April 1-2, 2018 Partial Block Storage Outage in FRA1
On 2018-04-01 at 7:08 UTC, one of several storage clusters in our FRA1 region suffered a cascading failure. As a result, multiple redundant hosts in the storage cluster suffered an Out Of Memory (OOM) condition and crashed nearly simultaneously. We continue to investigate the root cause of the cascading failure.
Our storage infrastructure is designed to handle multiple drive, host, and rack failures and has a successful track record of handling these types of scenarios. However, in this particular instance, failures occurred across every domain (drive, host, rack) simultaneously and the cluster could no longer sustain the spike in customer I/O.
The recovery process was complicated by very large memory requirements at startup due to the scale of the failure, which impacted over 70% of the cluster, as well as a kernel networking driver bug that caused the hosts to lose network connectivity on the replication network and need to be rebooted.

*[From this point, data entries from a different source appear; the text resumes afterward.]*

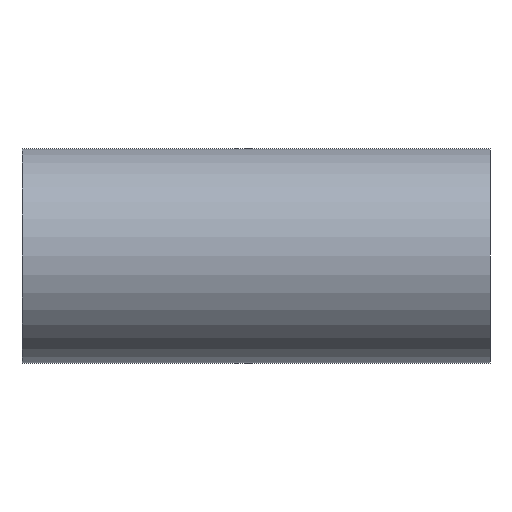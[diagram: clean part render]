
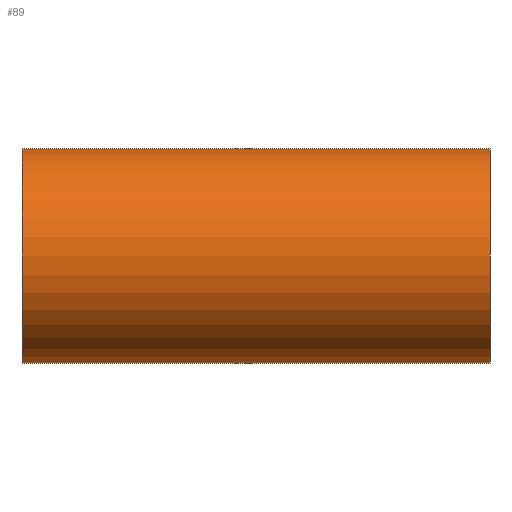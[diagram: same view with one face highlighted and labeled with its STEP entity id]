
A CAD part, front view. The second image highlights one B-rep face of the part: STEP entity #89.
In plain terms, the highlighted cylindrical face has radius 50.8 mm (diameter 101.6 mm), a partial arc.
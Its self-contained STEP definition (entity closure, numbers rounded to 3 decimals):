
#3 = CARTESIAN_POINT ( 'NONE',  ( -110.7, 0., -50.8 ) ) ;
#17 = EDGE_CURVE ( 'NONE', #101, #418, #153, .T. ) ;
#19 = DIRECTION ( 'NONE',  ( -1., 0., 0. ) ) ;
#20 = DIRECTION ( 'NONE',  ( -1., 0., 0. ) ) ;
#79 = DIRECTION ( 'NONE',  ( -1., 0., 0. ) ) ;
#89 = ADVANCED_FACE ( 'NONE', ( #313 ), #186, .T. ) ;
#101 = VERTEX_POINT ( 'NONE', #219 ) ;
#108 = DIRECTION ( 'NONE',  ( 0., 0., 1. ) ) ;
#135 = VECTOR ( 'NONE', #20, 1000. ) ;
#140 = DIRECTION ( 'NONE',  ( 1., 0., 0. ) ) ;
#141 = CARTESIAN_POINT ( 'NONE',  ( 254.384, 0., -50.8 ) ) ;
#153 = LINE ( 'NONE', #451, #135 ) ;
#156 = AXIS2_PLACEMENT_3D ( 'NONE', #463, #140, #420 ) ;
#186 = CYLINDRICAL_SURFACE ( 'NONE', #412, 50.8 ) ;
#198 = CARTESIAN_POINT ( 'NONE',  ( 254.384, 0., 0. ) ) ;
#199 = EDGE_LOOP ( 'NONE', ( #449, #485, #233, #248 ) ) ;
#206 = CARTESIAN_POINT ( 'NONE',  ( 110.7, 0., -50.8 ) ) ;
#216 = VERTEX_POINT ( 'NONE', #3 ) ;
#219 = CARTESIAN_POINT ( 'NONE',  ( 110.7, 0., 50.8 ) ) ;
#229 = EDGE_CURVE ( 'NONE', #427, #216, #554, .T. ) ;
#233 = ORIENTED_EDGE ( 'NONE', *, *, #17, .T. ) ;
#248 = ORIENTED_EDGE ( 'NONE', *, *, #357, .T. ) ;
#275 = CIRCLE ( 'NONE', #285, 50.8 ) ;
#285 = AXIS2_PLACEMENT_3D ( 'NONE', #470, #79, #108 ) ;
#313 = FACE_OUTER_BOUND ( 'NONE', #199, .T. ) ;
#323 = VECTOR ( 'NONE', #539, 1000. ) ;
#357 = EDGE_CURVE ( 'NONE', #418, #216, #473, .T. ) ;
#405 = DIRECTION ( 'NONE',  ( 0., 0., 1. ) ) ;
#412 = AXIS2_PLACEMENT_3D ( 'NONE', #198, #19, #405 ) ;
#418 = VERTEX_POINT ( 'NONE', #511 ) ;
#420 = DIRECTION ( 'NONE',  ( 0., 0., 1. ) ) ;
#427 = VERTEX_POINT ( 'NONE', #206 ) ;
#449 = ORIENTED_EDGE ( 'NONE', *, *, #229, .F. ) ;
#451 = CARTESIAN_POINT ( 'NONE',  ( 254.384, 0., 50.8 ) ) ;
#463 = CARTESIAN_POINT ( 'NONE',  ( -110.7, 0., 0. ) ) ;
#470 = CARTESIAN_POINT ( 'NONE',  ( 110.7, 0., 0. ) ) ;
#473 = CIRCLE ( 'NONE', #156, 50.8 ) ;
#485 = ORIENTED_EDGE ( 'NONE', *, *, #523, .T. ) ;
#511 = CARTESIAN_POINT ( 'NONE',  ( -110.7, 0., 50.8 ) ) ;
#523 = EDGE_CURVE ( 'NONE', #427, #101, #275, .T. ) ;
#539 = DIRECTION ( 'NONE',  ( -1., 0., 0. ) ) ;
#554 = LINE ( 'NONE', #141, #323 ) ;

This forced us to bring the hosts up in a carefully orchestrated sequence one device at a time, waiting for each device to complete recovery before continuing to the next one. This was an incredibly time consuming approach, but one that was necessary to prevent further cascading failures.
Timeline of Events
- 07:09 UTC - Multiple storage nodes begin crashing due to an OOM condition
- 07:13 UTC - Alerts for host and availability issues begin flooding in
- 07:18 UTC - Storage on-call is paged
- 07:20 UTC - Storage on-call call begins bringing impacted nodes back online
- 07:25 UTC - Storage nodes start coming back online, but OOM condition occurs during the recovery process, stalling forward progress in our recovery efforts
- 08:15 UTC - Additional Storage Engineers are called to help bring nodes up one at a time
- 10:49 UTC - As we progress toward recovery, a decision is made to augment memory in the hosts to help speed up recovery rates
- 11:01 UTC - 15:00 UTC (2018-02-04) - Our Datacenter team performs memory augments while another team slowly continues to bring up nodes while manually managing the memory budget of each host. We also begin investigating ways to speed up the manual process and to identify the root cause of the issue
- 15:00 UTC - The impacted cluster is back to an operational state and final checks are performed. Engineering continues to investigate the root cause of the initial OOM condition that led to the failure. Decision is made to re-enable the cluster under controlled conditions to see if we can identify the possible cause
- 15:30 UTC - The impacted cluster is re-enabled and the Engineering team observes immediate and rapid growth in memory consumption
- 15:32 UTC - Customer I/O is suspended again, but not quickly enough, and a number of nodes are lost. However, we were able to capture the likely cause of the OOM
- 15:35 UTC - The engineering team immediately begins bringing the nodes back up using tooling developed during the outage to speed things up significantly. We continue to investigate a possible fix for the OOMs
- Approximately 18:30 UTC - The impacted cluster is back up and operational, but one node experiences a hardware failure
- 19:16 UTC - The failed host is now operational. Adjustments in configuration are made in an attempt to mitigate the OOM condition based on our observation and analysis of the 15:32 UTC event
- 19:30 UTC - Customer I/O is re-enabled, and the Engineering team observes the same pattern of activity that caused the OOM at 15:32 UTC, but this time memory usage is holding at normal levels
We are continuing our investigation into the root cause of this incident, and will post an update with additional details as soon as the cause is confirmed. In the meantime, we are taking numerous steps in an effort to prevent similar incidents from happening in the future, including:
Reproducing the conditions that we believe led to this event to verify the root cause in our test/staging environments.
Verifying that our countermeasures will effectively prevent the issue in our test environment.
Deploying the mitigations to all production regions and clusters to prevent another outage of this type.
Refining the tooling built during this outage to fully handle automated bring-up under these conditions
Augmenting memory for storage nodes that may be at risk.
We recognize the impact this incident had on your work and business, and sincerely apologize for the frustrations caused by this lengthy outage.